Constellation Design via Capacity Maximization

Abstract

Traditional constellations are uniformally spaced. By giving up uniform spacing, constellations can be designed to have larger joint (i.e. overall) capacity or parallel decoding capacity. In this paper non-uniformally spaced (i.e. 'geometrically' shaped) constellations are designed to maximize either of these quantities. By way of numerical capacity computations we show that except in special cases, there are no universally optimal geometrically shaped constellations across all code rates, and that the optimization of a constellation has to target a specific code rate. Unlike joint capacity, optimizing for parallel decoding capacity is label dependent.
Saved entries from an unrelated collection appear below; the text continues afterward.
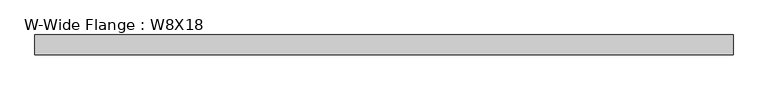
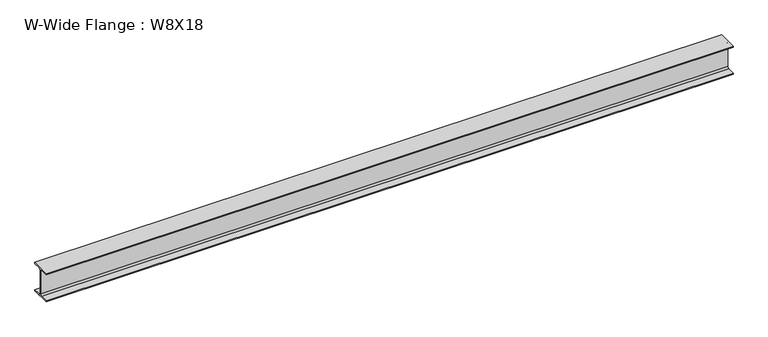
"""IFC4 building model written with IfcOpenShell, lengths in millimetres: beam geometry, W-Wide Flange : W8X18."""

import ifcopenshell
import ifcopenshell.guid

model = None  # the IFC model being written
_history = None  # IfcOwnerHistory: only IFC2X3 demands one
_inside = {}  # id of a spatial element -> (the spatial element, [elements in it])
_under = {}  # id of a project, library or spatial element -> (it, [spatial elements below it])
_declared = {}  # id of a project -> (the project, [libraries it declares])
_typed = {}  # id of a type object -> (the type object, [elements of that type])
_made_of = {}  # id of a material, layer set ... -> (it, [elements and type objects made of it])


def new_model(schema):
    """Start an empty IFC model of exactly this schema.

    Asked for "IFC4X3", IfcOpenShell would pick the latest addendum, in which some entities
    have other attributes; the version numbers below select the first issue.
    IFC2X3 requires an IfcOwnerHistory on every rooted entity: one is made here for all.
    """
    global model, _history
    if schema == "IFC4X3":
        model = ifcopenshell.file(schema_version=(4, 3, 0, 0))
    else:
        model = ifcopenshell.file(schema=schema)
    _inside.clear()
    _under.clear()
    _declared.clear()
    _typed.clear()
    _made_of.clear()
    _history = None
    if model.schema == "IFC2X3":
        org = make("IfcOrganization", Name="unknown")
        user = make(
            "IfcPersonAndOrganization",
            ThePerson=make("IfcPerson", FamilyName="unknown"),
            TheOrganization=org,
        )
        app = make(
            "IfcApplication",
            ApplicationDeveloper=org,
            Version="unknown",
            ApplicationFullName="unknown",
            ApplicationIdentifier="unknown",
        )
        _history = make(
            "IfcOwnerHistory",
            OwningUser=user,
            OwningApplication=app,
            ChangeAction="ADDED",
            CreationDate=0,
        )
    return model


def make(cls, **values):
    """One entity of the class cls with the attributes given. An attribute that is None is left unset."""
    return model.create_entity(
        cls, **{name: value for name, value in values.items() if value is not None}
    )


def rooted(cls, **values):
    """An entity with a GlobalId (a new one), such as an element, a storey or a relation."""
    return make(cls, GlobalId=ifcopenshell.guid.new(), OwnerHistory=_history, **values)


def si_unit(unit_type, name, prefix=None):
    """IfcSIUnit, for example si_unit("LENGTHUNIT", "METRE", prefix="MILLI")."""
    return make("IfcSIUnit", UnitType=unit_type, Prefix=prefix, Name=name)


def assignment(units):
    """IfcUnitAssignment: the units of a project."""
    return None if units is None else make("IfcUnitAssignment", Units=units)


def point(xyz):
    """IfcCartesianPoint."""
    return None if xyz is None else make("IfcCartesianPoint", Coordinates=xyz)


def direction(xyz):
    """IfcDirection."""
    return None if xyz is None else make("IfcDirection", DirectionRatios=xyz)


def frame(location, z_axis=None, x_axis=None):
    """IfcAxis2Placement3D, a coordinate frame: its origin and axes. An axis left out is left unset."""
    return make(
        "IfcAxis2Placement3D",
        Location=point(location),
        Axis=direction(z_axis),
        RefDirection=direction(x_axis),
    )


def frame_2d(location, x_axis=None):
    """IfcAxis2Placement2D, a coordinate frame in the plane: its origin and x axis."""
    return make(
        "IfcAxis2Placement2D", Location=point(location), RefDirection=direction(x_axis)
    )


def origin():
    """The frame at (0, 0, 0) with its axes left unset."""
    return frame((0.0, 0.0, 0.0))


def place(relative_to, where):
    """IfcLocalPlacement: puts the frame where relative to a parent placement (None: the world)."""
    return make(
        "IfcLocalPlacement", PlacementRelTo=relative_to, RelativePlacement=where
    )


def context(
    kind, dimensions, precision=None, world=None, true_north=None, identifier=None
):
    """IfcGeometricRepresentationContext, for example the 3D "Model" context."""
    return make(
        "IfcGeometricRepresentationContext",
        ContextIdentifier=identifier,
        ContextType=kind,
        CoordinateSpaceDimension=dimensions,
        Precision=precision,
        WorldCoordinateSystem=world,
        TrueNorth=true_north,
    )


def project(units=None, contexts=None):
    """IfcProject with its units and contexts."""
    return rooted(
        "IfcProject",
        Name="project",
        RepresentationContexts=contexts,
        UnitsInContext=assignment(units),
    )


def spatial(cls, under=None, at=None, **own):
    """A site, building, storey or space (cls), placed at a placement, below another one or the project."""
    s = rooted(cls, ObjectPlacement=at, **own)
    if under is not None:
        _under.setdefault(under.id(), (under, []))[1].append(s)
    return s


def polyline(points):
    """IfcPolyline through the points."""
    return make("IfcPolyline", Points=[point(p) for p in points])


def circle_curve(where, radius):
    """IfcCircle in the frame where."""
    return make("IfcCircle", Position=where, Radius=radius)


def trimmed(basis, trim1, trim2, sense, master):
    """IfcTrimmedCurve: the piece of a basis curve between two trims."""
    return make(
        "IfcTrimmedCurve",
        BasisCurve=basis,
        Trim1=trim1,
        Trim2=trim2,
        SenseAgreement=sense,
        MasterRepresentation=master,
    )


def segment(curve, same_sense, transition):
    """IfcCompositeCurveSegment."""
    return make(
        "IfcCompositeCurveSegment",
        Transition=transition,
        SameSense=same_sense,
        ParentCurve=curve,
    )


def composite_curve(segments, self_intersect=None):
    """IfcCompositeCurve: segments joined end to end."""
    return make("IfcCompositeCurve", Segments=segments, SelfIntersect=self_intersect)


def outline(outer, holes=None, kind="AREA"):
    """IfcArbitraryClosedProfileDef: a profile drawn as a closed curve; with holes, ...WithVoids."""
    if holes is None:
        return make("IfcArbitraryClosedProfileDef", ProfileType=kind, OuterCurve=outer)
    return make(
        "IfcArbitraryProfileDefWithVoids",
        ProfileType=kind,
        OuterCurve=outer,
        InnerCurves=holes,
    )


def extrude(swept, where, along, depth):
    """IfcExtrudedAreaSolid: the profile swept, set in the frame where, extruded along a direction by depth."""
    return make(
        "IfcExtrudedAreaSolid",
        SweptArea=swept,
        Position=where,
        ExtrudedDirection=direction(along),
        Depth=depth,
    )


def shape(context_of_items, identifier, shape_type, items):
    """IfcShapeRepresentation: the items that make up one representation, for example the "Body"."""
    return make(
        "IfcShapeRepresentation",
        ContextOfItems=context_of_items,
        RepresentationIdentifier=identifier,
        RepresentationType=shape_type,
        Items=items,
    )


def source(mapping_origin, context_of_items, identifier, shape_type, items):
    """IfcRepresentationMap: a shape defined once, which mapped items show again and again."""
    return make(
        "IfcRepresentationMap",
        MappingOrigin=mapping_origin,
        MappedRepresentation=shape(context_of_items, identifier, shape_type, items),
    )


def transform(
    local_origin,
    x_axis=None,
    y_axis=None,
    z_axis=None,
    scale=None,
    scale2=None,
    scale3=None,
    uniform=True,
):
    """IfcCartesianTransformationOperator3D, or its non-uniform kind. x_axis, y_axis, z_axis: its Axis1, 2, 3."""
    if uniform:
        return make(
            "IfcCartesianTransformationOperator3D",
            Axis1=direction(x_axis),
            Axis2=direction(y_axis),
            LocalOrigin=point(local_origin),
            Scale=scale,
            Axis3=direction(z_axis),
        )
    return make(
        "IfcCartesianTransformationOperator3DnonUniform",
        Axis1=direction(x_axis),
        Axis2=direction(y_axis),
        LocalOrigin=point(local_origin),
        Scale=scale,
        Axis3=direction(z_axis),
        Scale2=scale2,
        Scale3=scale3,
    )


def mapped(mapping_source, mapping_target):
    """IfcMappedItem: shows the shape of a source again, moved by a transform."""
    return make(
        "IfcMappedItem", MappingSource=mapping_source, MappingTarget=mapping_target
    )


def made_of(thing, what):
    """Note that an element or type object is made of a material, layer set ...; save() writes the relation."""
    if what is not None:
        _made_of.setdefault(what.id(), (what, []))[1].append(thing)
    return thing


def element(
    cls,
    number,
    at=None,
    inside=None,
    cuts=None,
    type_object=None,
    material=None,
    context=None,
    identifier="Body",
    shape_type=None,
    held_by="IfcProductDefinitionShape",
    body=None,
    shapes=None,
    **own,
):
    """One element of the class cls, such as IfcWall. Its Tag is "e" and its number.

    at: its placement. inside: the storey or other place that contains it. cuts: it is an
    opening in that element (IfcRelVoidsElement). A single representation is given by context,
    identifier, shape_type and body (its items); several are given by shapes. held_by: the class
    of the entity that holds the representations. save() writes the other relations.
    """
    e = rooted(cls, Tag="e%d" % number, ObjectPlacement=at, **own)
    if body is not None:
        shapes = [shape(context, identifier, shape_type, body)]
    if shapes is not None:
        e.Representation = make(held_by, Representations=shapes)
    if inside is not None:
        _inside.setdefault(inside.id(), (inside, []))[1].append(e)
    if cuts is not None:
        rooted(
            "IfcRelVoidsElement", RelatingBuildingElement=cuts, RelatedOpeningElement=e
        )
    if type_object is not None:
        _typed.setdefault(type_object.id(), (type_object, []))[1].append(e)
    return made_of(e, material)


def aggregate(whole, parts):
    """IfcRelAggregates: a whole, such as a stair, and the parts it consists of."""
    return rooted("IfcRelAggregates", RelatingObject=whole, RelatedObjects=parts)


def save(model, path):
    """Write the relations noted so far, then the file.

    IfcRelAggregates (storeys below a building ...), IfcRelContainedInSpatialStructure (elements
    in a storey), IfcRelDefinesByType, IfcRelAssociatesMaterial and IfcRelDeclares: one each for
    every whole, place, type object, material and project.
    """
    for whole, parts in _under.values():
        aggregate(whole, parts)
    for where, things in _inside.values():
        rooted(
            "IfcRelContainedInSpatialStructure",
            RelatedElements=things,
            RelatingStructure=where,
        )
    for kind, things in _typed.values():
        rooted("IfcRelDefinesByType", RelatedObjects=things, RelatingType=kind)
    for what, things in _made_of.values():
        rooted("IfcRelAssociatesMaterial", RelatedObjects=things, RelatingMaterial=what)
    for by, libraries in _declared.values():
        rooted("IfcRelDeclares", RelatingContext=by, RelatedDefinitions=libraries)
    model.write(path)


def w_wide_flange_w8x18_5f46299d(model_context):
    return source(origin(), model_context, "Body", "SweptSolid", [
        extrude(outline(composite_curve([segment(polyline([(66.675, -94.996), (66.675, -103.378), (-66.675, -103.378), (-66.675, -94.996), (-15.1765, -94.996)]), True, "CONTINUOUS"), segment(trimmed(circle_curve(frame_2d((-15.1765, -82.7405)), 12.2555), [point((-15.1765, -94.996))], [point((-2.921, -82.7405))], True, "CARTESIAN"), True, "CONTINUOUS"), segment(polyline([(-2.921, -82.7405), (-2.921, 82.7405)]), True, "CONTINUOUS"), segment(trimmed(circle_curve(frame_2d((-15.1765, 82.7405)), 12.2555), [point((-2.921, 82.7405))], [point((-15.1765, 94.996))], True, "CARTESIAN"), True, "CONTINUOUS"), segment(polyline([(-15.1765, 94.996), (-66.675, 94.996), (-66.675, 103.378), (66.675, 103.378), (66.675, 94.996), (15.1765, 94.996)]), True, "CONTINUOUS"), segment(trimmed(circle_curve(frame_2d((15.1765, 82.7405)), 12.2555), [point((15.1765, 94.996))], [point((2.921, 82.7405))], True, "CARTESIAN"), True, "CONTINUOUS"), segment(polyline([(2.921, 82.7405), (2.921, -82.7405)]), True, "CONTINUOUS"), segment(trimmed(circle_curve(frame_2d((15.1765, -82.7405)), 12.2555), [point((2.921, -82.7405))], [point((15.1765, -94.996))], True, "CARTESIAN"), True, "CONTINUOUS"), segment(polyline([(15.1765, -94.996), (66.675, -94.996)]), True, "CONTINUOUS")], self_intersect=False)), frame((-2388.8051847, 0.0, 0.0), z_axis=(1.0, 0.0, 0.0), x_axis=(0.0, 1.0, 0.0)), (0.0, 0.0, 1.0), 4729.2974575),
    ])


if __name__ == "__main__":
    model = new_model("IFC4")
    model_context = context("Model", 3, world=origin())
    ifc_project = project(units=[si_unit("LENGTHUNIT", "METRE", prefix="MILLI")], contexts=[model_context])
    site = spatial("IfcSite", under=ifc_project)
    building = spatial("IfcBuilding", under=site)
    placement = place(None, origin())
    w_wide_flange_w8x18_shape = w_wide_flange_w8x18_5f46299d(model_context)
    element("IfcBeam", 1, ObjectType="W-Wide Flange : W8X18", at=placement, inside=building, context=model_context, shape_type="MappedRepresentation", body=[
        mapped(w_wide_flange_w8x18_shape, transform((0.0, 0.0, 0.0), x_axis=(1.0, 0.0, 0.0), y_axis=(0.0, 1.0, 0.0), z_axis=(0.0, 0.0, 1.0))),
    ])
    save(model, "model.ifc")

# Revit data of these elements
# Type "W-Wide Flange : W8X18"
#   Assembly Code = "B10"
#   W = 18
#   Length [instance default] = 1524 mm
#   bf = 133.35 mm
#   d = 206.756 mm
#   k = 20.638 mm
#   k2 = 12.256 mm
#   tf = 8.382 mm
#   tw = 5.842 mm
#   A = 0.00339354 m²
#   Structural Material [instance default] = Steel ASTM A992
# Element 1 (IfcBeam, "W-Wide Flange : W8X18")
#   Structural Material = Aluminum, Anodized Red
#   Materials on its faces: "Aluminum, Anodized Red"
# Materials
#   "Steel ASTM A992": class "Metal", colour RGB 128 0 0, transparency 0, Description = "Structural steel 50ksi", Cost = 0
#   "Aluminum, Anodized Red": class "Metal", colour RGB 120 120 120, transparency 0, Description = "Anodized aluminum, red", Cost = 0

For PAM and PSK constellations, we found the maximum parallel decoding capacity to be achieved using gray (not necessarily binary reflective gray) labels. However, for PAM constellations, not all gray labels can yield the highest parallel decoding capacity. Besides the conventional use of a (log2 (M) -1) /log2 (M) code rate with an M-point constellation for bandwidth efficient communications, the optimized constellations could offer further non-trivial gains at lower code rates (unlike traditional constellations). An optimized constellation is used with a state-of-the-art LDPC code and simulation results are presented. This paper also draws a distinction between probabilistic shaping and geometric shaping and in fact proves under broad conditions, that any gain in capacity which can be found via probabilistic shaping can also be achieved or exceeded solely through geometric shaping.